Li Zhendong, Suo Bingbing, Liu Wenjian
Beijing National Laboratory for Molecular Sciences, Institute of Theoretical and Computational Chemistry, State Key Laboratory of Rare Earth Materials Chemistry and Applications, College of Chemistryand Molecular Engineering, and Center for Computational Science and Engineering, Peking University, Beijing 100871, People's Republic of China.
J Chem Phys. 2014 Dec 28;141(24):244105. doi: 10.1063/1.4903986.

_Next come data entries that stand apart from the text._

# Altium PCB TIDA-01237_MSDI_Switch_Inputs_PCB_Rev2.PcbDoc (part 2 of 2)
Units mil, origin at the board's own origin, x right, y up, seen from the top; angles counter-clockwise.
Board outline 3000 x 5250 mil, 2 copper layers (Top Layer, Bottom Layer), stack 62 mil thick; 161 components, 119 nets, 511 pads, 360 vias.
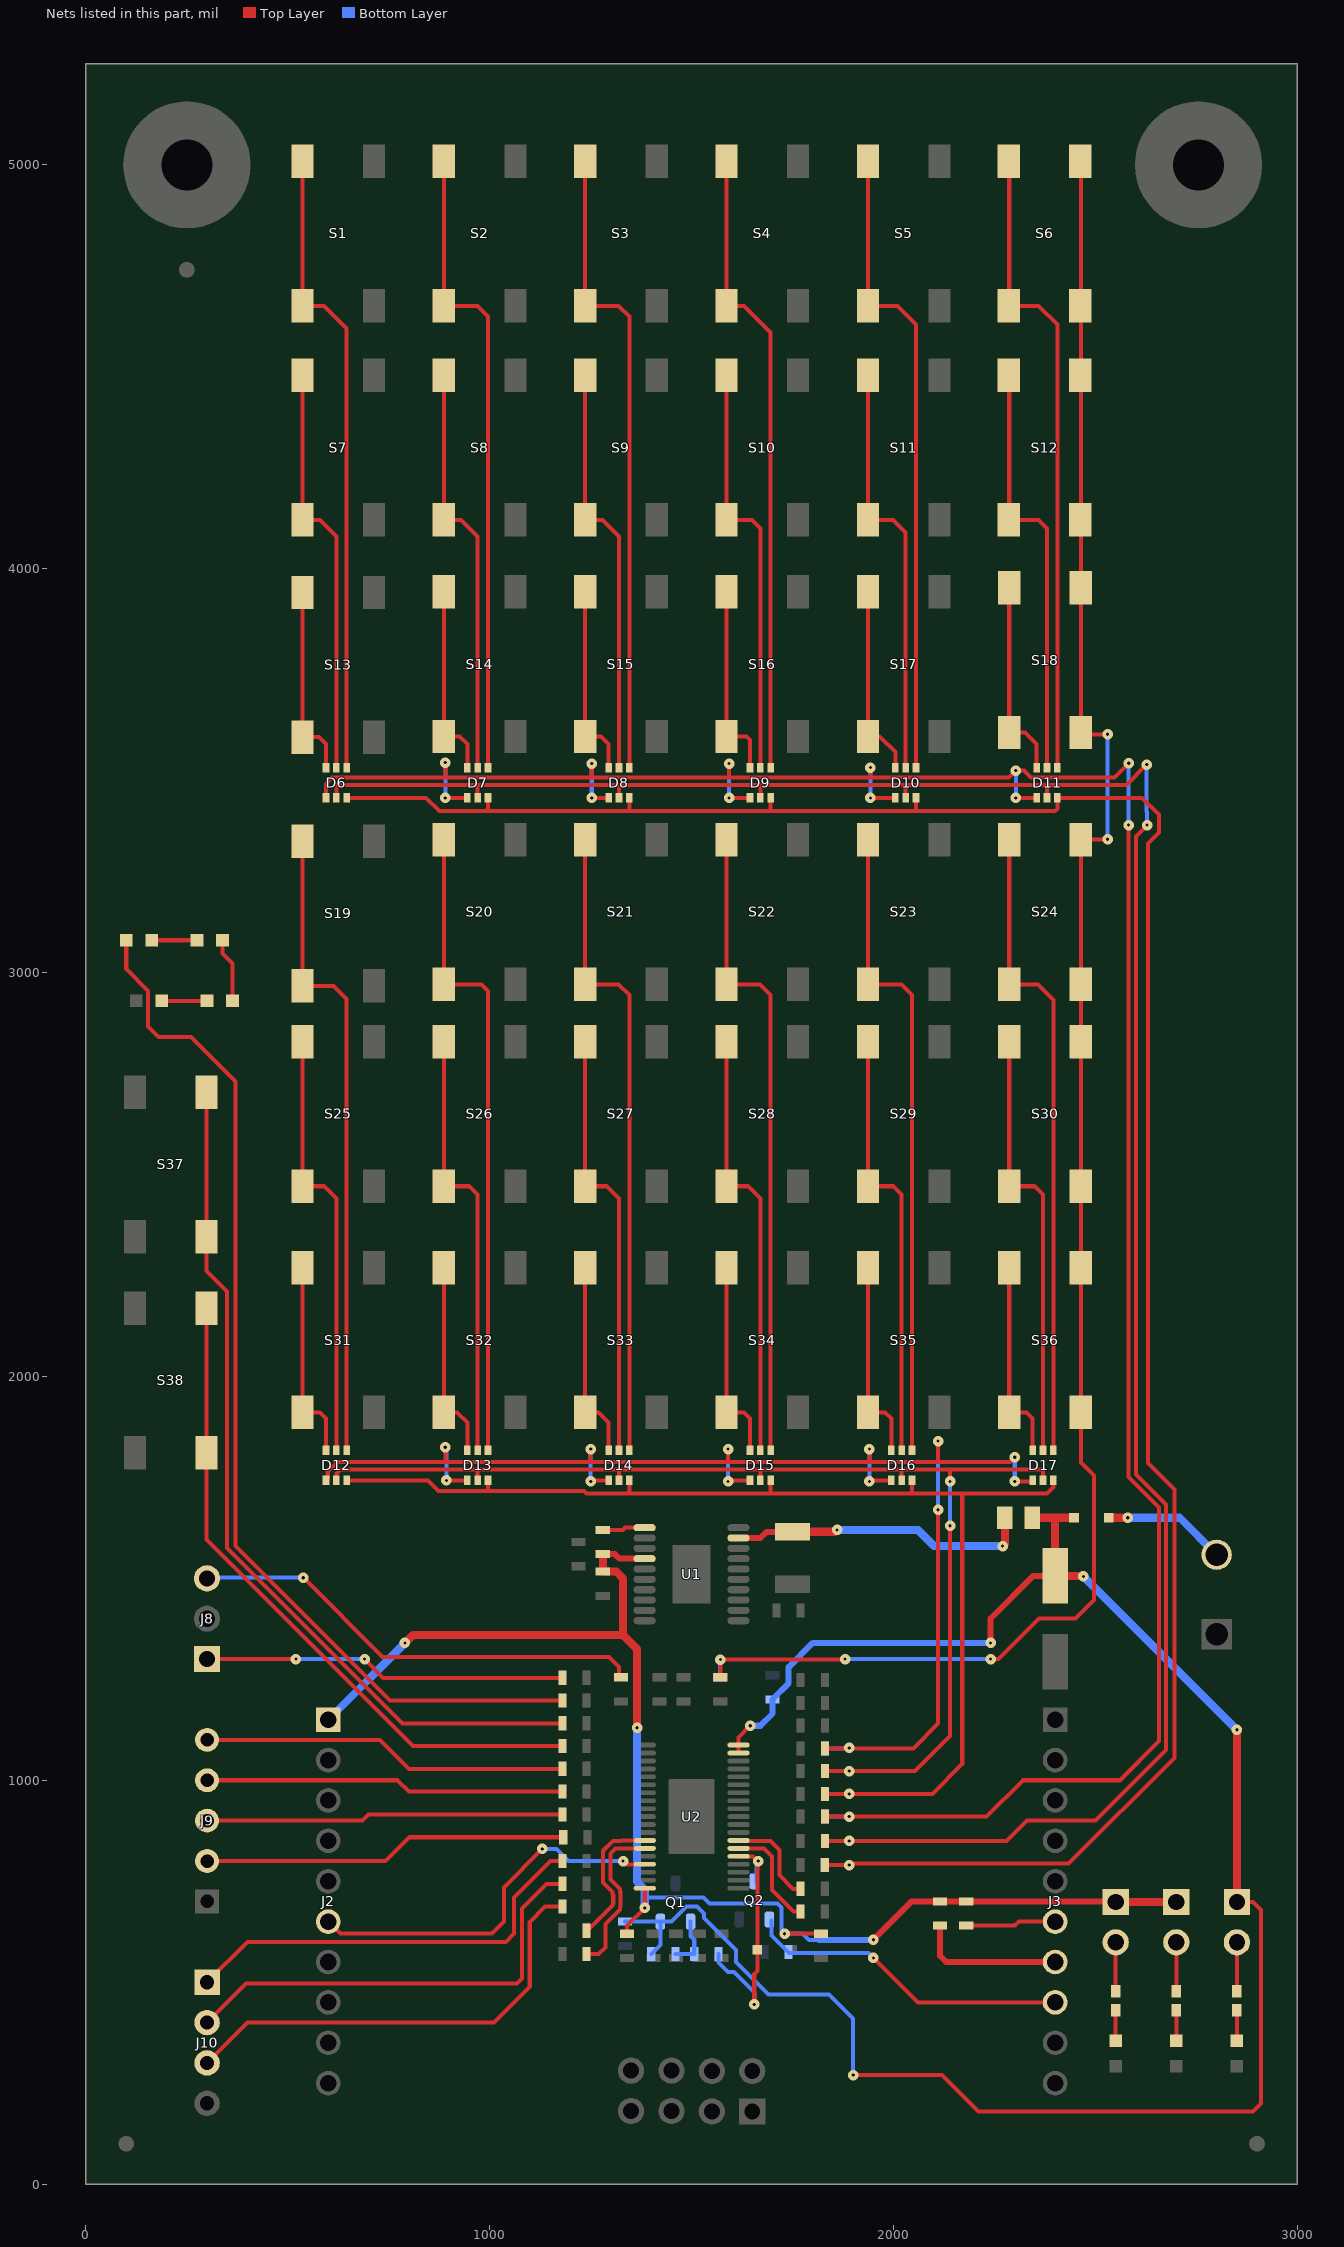
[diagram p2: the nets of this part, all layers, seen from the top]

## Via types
v1: diameter 20, hole 10, Top Layer to Bottom Layer, tented both sides, 214 vias
v2: diameter 26, hole 7.87, Top Layer to Bottom Layer, tented both sides, 116 vias
v3: diameter 19.68, hole 7.87, Top Layer to Bottom Layer, tented both sides, 18 vias
v4: diameter 26, hole 7.87, Top Layer to Bottom Layer, 12 vias

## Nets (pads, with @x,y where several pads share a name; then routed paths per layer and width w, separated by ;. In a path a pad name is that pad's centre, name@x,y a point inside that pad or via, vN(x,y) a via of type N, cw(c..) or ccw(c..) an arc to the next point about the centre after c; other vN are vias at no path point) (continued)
NetC21_1: C21.1 R22.1 S6.1 S6.2 S12.1 S12.2 S18.1 S18.2 S24.1 S24.2 S30.1 S30.2 S36.1 S36.2 | length 4778.2
  Top Layer w10: R22.1@1571.23,1255 v2(1571.23,1298.77) 1878.77,1298.77 v2(1880,1300) ; v2(2240,1300) 2260,1300 2360,1400 2450,1400 2495.87,1445.87 2495.87,1754.13 2463.58,1786.42 S36.2@2463.58,1910.87 S36.1@2463.58,2269.13 S30.2@2463.58,2470.87 S30.1@2463.58,2829.13 S24.2@2463.58,2970.87 S24.1@2463.58,3329.13 2529.13,3329.13 v2(2530,3330) ; S6.1@2463.58,5009.13 2463.58,4650.87 2463.58,4479.13 2463.58,4120.87 S18.1@2463.58,3952.8 S18.2@2463.58,3594.53 2468.11,3590 v2(2530,3590)
  Bottom Layer w10: C21.1@1570,1255 v2@1570,1297.54 ; v2(1880,1300) v2(2240,1300) ; v2(2530,3330) v2(2530,3590)
NetD2_2: D2.2 R3.1 | length 75.2
  Top Layer w10: D2.2@2550,354.96 R3.1@2550,430.18
NetD3_2: D3.2 R4.1 | length 75.2
  Top Layer w10: D3.2@2700,354.96 R4.1@2700,430.18
NetD4_2: D4.2 R5.1 | length 75.2
  Top Layer w10: D4.2@2850,354.96 R5.1@2850,430.18
NetD5_1: D5.1 Q2.3 R12.2 U2.24 | length 639.6
  Top Layer w10: U2.24@1616.14,811.58 1651.97,811.58 1662.47,801.07 D5.1@1662.47,580 1662.47,527.53 1655,520.05 v2(1655,445) ; v4@1663.54,800 v4(1665,800)
  Bottom Layer w10: R12.2@1566.45,570 1566.45,548.55 1590,525 1605,525 1655,475 v2(1655,445) ; Q2.3@1660,747.24 1660,798.59 1662.47,801.07 1663.54,800 v4(1665,800)
NetD6_1: D6.1 S1.3 S1.4 | length 1577.8
  Top Layer w10: S1.3@536.42,5009.13 S1.4@536.42,4650.87 589.13,4650.87 645.59,4594.41 D6.1@645.59,3507.4
NetD6_2: D6.2 S7.3 S7.4 | length 1031.4
  Top Layer w10: S7.3@536.42,4479.13 S7.4@536.42,4120.87 579.13,4120.87 620,4080 D6.2@620,3507.4
NetD6_3: D6.3 S13.3 S13.4 | length 481.6
  Top Layer w10: S13.3@536.42,3941.02 S13.4@536.42,3582.76 577.24,3582.76 594.41,3565.59 D6.3@594.41,3507.4
NetD7_1: D7.1 S2.3 S2.4 | length 1595.4
  Top Layer w10: S2.3@886.42,5009.13 S2.4@886.42,4650.87 969.13,4650.87 995.59,4624.41 D7.1@995.59,3507.4
NetD7_2: D7.2 S8.3 S8.4 | length 1031.4
  Top Layer w10: S8.3@886.42,4479.13 S8.4@886.42,4120.87 929.13,4120.87 970,4080 D7.2@970,3507.4
NetD7_3: D7.3 S14.3 S14.4 | length 482.3
  Top Layer w10: S14.3@886.42,3942.8 S14.4@886.42,3584.53 925.47,3584.53 944.41,3565.59 D7.3@944.41,3507.4
NetD8_1: D8.1 S3.3 S3.4 | length 1595.4
  Top Layer w10: S3.3@1236.42,5009.13 S3.4@1236.42,4650.87 1319.13,4650.87 1345.59,4624.41 D8.1@1345.59,3507.4
NetD8_2: D8.2 S9.3 S9.4 | length 1031.4
  Top Layer w10: S9.3@1236.42,4479.13 S9.4@1236.42,4120.87 1279.13,4120.87 1320,4080 D8.2@1320,3507.4
NetD8_3: D8.3 S15.3 S15.4 | length 482.3
  Top Layer w10: S15.3@1236.42,3942.8 S15.4@1236.42,3584.53 1275.47,3584.53 1294.41,3565.59 D8.3@1294.41,3507.4
NetD9_1: D9.1 S4.3 S4.4 | length 1572
  Top Layer w10: S4.3@1586.42,5009.13 S4.4@1586.42,4650.87 1629.13,4650.87 1695.59,4584.41 D9.1@1695.59,3507.4
NetD9_2: D9.2 S10.3 S10.4 | length 1043.1
  Top Layer w10: S10.3@1586.42,4479.13 S10.4@1586.42,4120.87 1649.13,4120.87 1670,4100 D9.2@1670,3507.4
NetD9_3: D9.3 S16.3 S16.4 | length 488.2
  Top Layer w10: S16.3@1586.42,3942.8 S16.4@1586.42,3584.53 1635.47,3584.53 1644.41,3575.59 D9.3@1644.41,3507.4
NetD10_1: D10.1 S5.3 S5.4 | length 1593.7
  Top Layer w10: S5.3@1936.42,5009.13 S5.4@1936.42,4650.87 2009.13,4650.87 2055.59,4604.41 D10.1@2055.59,3507.4
NetD10_2: D10.2 S11.3 S11.4 | length 1047.2
  Top Layer w10: S11.3@1936.42,4479.13 S11.4@1936.42,4120.87 1999.13,4120.87 2030,4090 D10.2@2030,3507.4
NetD10_3: D10.3 S17.3 S17.4 | length 480.6
  Top Layer w10: S17.3@1936.42,3942.8 S17.4@1936.42,3584.53 1965.47,3584.53 2004.41,3545.59 D10.3@2004.41,3507.4
NetD11_1: D11.1 S6.3 S6.4 | length 1593.7
  Top Layer w10: S6.3@2286.42,5009.13 2286.42,4650.87 2359.13,4650.87 2405.59,4604.41 D11.1@2405.59,3507.4
NetD11_2: D11.2 S12.3 S12.4 | length 1053.1
  Top Layer w10: S12.3@2286.42,4479.13 2286.42,4120.87 2359.13,4120.87 2380,4100 D11.2@2380,3507.4
NetD11_3: D11.3 S18.3 S18.4 | length 496.4
  Top Layer w10: S18.3@2286.42,3952.8 S18.4@2286.42,3594.53 2325.47,3594.53 2354.41,3565.59 D11.3@2354.41,3507.4
NetD12_1: D12.1 S19.3 S19.4 | length 1598
  Top Layer w10: S19.3@536.42,3325.47 S19.4@536.42,2967.2 612.8,2967.2 645.59,2934.41 D12.1@645.59,1817.4
NetD12_2: D12.2 S25.3 S25.4 | length 1077.2
  Top Layer w10: S25.3@536.42,2829.13 S25.4@536.42,2470.87 589.13,2470.87 620,2440 D12.2@620,1817.4
NetD12_3: D12.3 S31.3 S31.4 | length 500.8
  Top Layer w10: S31.3@536.42,2269.13 S31.4@536.42,1910.87 579.13,1910.87 594.41,1895.59 D12.3@594.41,1817.4
NetD13_1: D13.1 S20.3 S20.4 | length 1611.3
  Top Layer w10: S20.3@886.42,3329.13 S20.4@886.42,2970.87 979.13,2970.87 995.59,2954.41 D13.1@995.59,1817.4
NetD13_2: D13.2 S26.3 S26.4 | length 1083.1
  Top Layer w10: S26.3@886.42,2829.13 S26.4@886.42,2470.87 949.13,2470.87 970,2450 D13.2@970,1817.4
NetD13_3: D13.3 S32.3 S32.4 | length 494.9
  Top Layer w10: S32.3@886.42,2269.13 S32.4@886.42,1910.87 919.13,1910.87 944.41,1885.59 D13.3@944.41,1817.4
NetD14_1: D14.1 S21.3 S21.4 | length 1605.4
  Top Layer w10: S21.3@1236.42,3329.13 S21.4@1236.42,2970.87 1319.13,2970.87 1345.59,2944.41 D14.1@1345.59,1817.4
NetD14_2: D14.2 S27.3 S27.4 | length 1077.2
  Top Layer w10: S27.3@1236.42,2829.13 S27.4@1236.42,2470.87 1289.13,2470.87 1320,2440 D14.2@1320,1817.4
NetD14_3: D14.3 S33.3 S33.4 | length 494.9
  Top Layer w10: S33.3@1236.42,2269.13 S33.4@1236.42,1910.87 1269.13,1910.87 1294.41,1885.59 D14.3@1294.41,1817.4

The recently proposed rigorous yet abstract theory of first order nonadiabatic coupling matrix elements (fo-NACME) between electronically excited states [Z. Li and W. Liu, J. Chem. Phys. 141, 014110 (2014)] is specified in detail for two widely used models: The time-dependent density functional theory and the particle-particle Tamm-Dancoff approximation. The actual implementation employs a Lagrangian formalism with atomic-orbital based direct algorithms, which makes the computation of fo-NACME very similar to that of excited-state gradients. Although the methods have great potential in investigating internal conversions and nonadiabatic dynamics between excited states of large molecules, only prototypical systems as a first pilot application are considered here to illustrate some conceptual aspects.
最近提出的关于电子激发态之间一阶非绝热耦合矩阵元(fo-NACME)的严格但抽象的理论[Z. Li和W. Liu,《化学物理杂志》141, 014110 (2014)]针对两种广泛使用的模型进行了详细阐述:含时密度泛函理论和粒子-粒子Tamm-Dancoff近似。实际实现采用了基于原子轨道直接算法的拉格朗日形式,这使得fo-NACME的计算与激发态梯度的计算非常相似。尽管这些方法在研究大分子激发态之间的内转换和非绝热动力学方面具有很大潜力,但这里仅考虑典型系统作为首次试点应用,以说明一些概念性方面。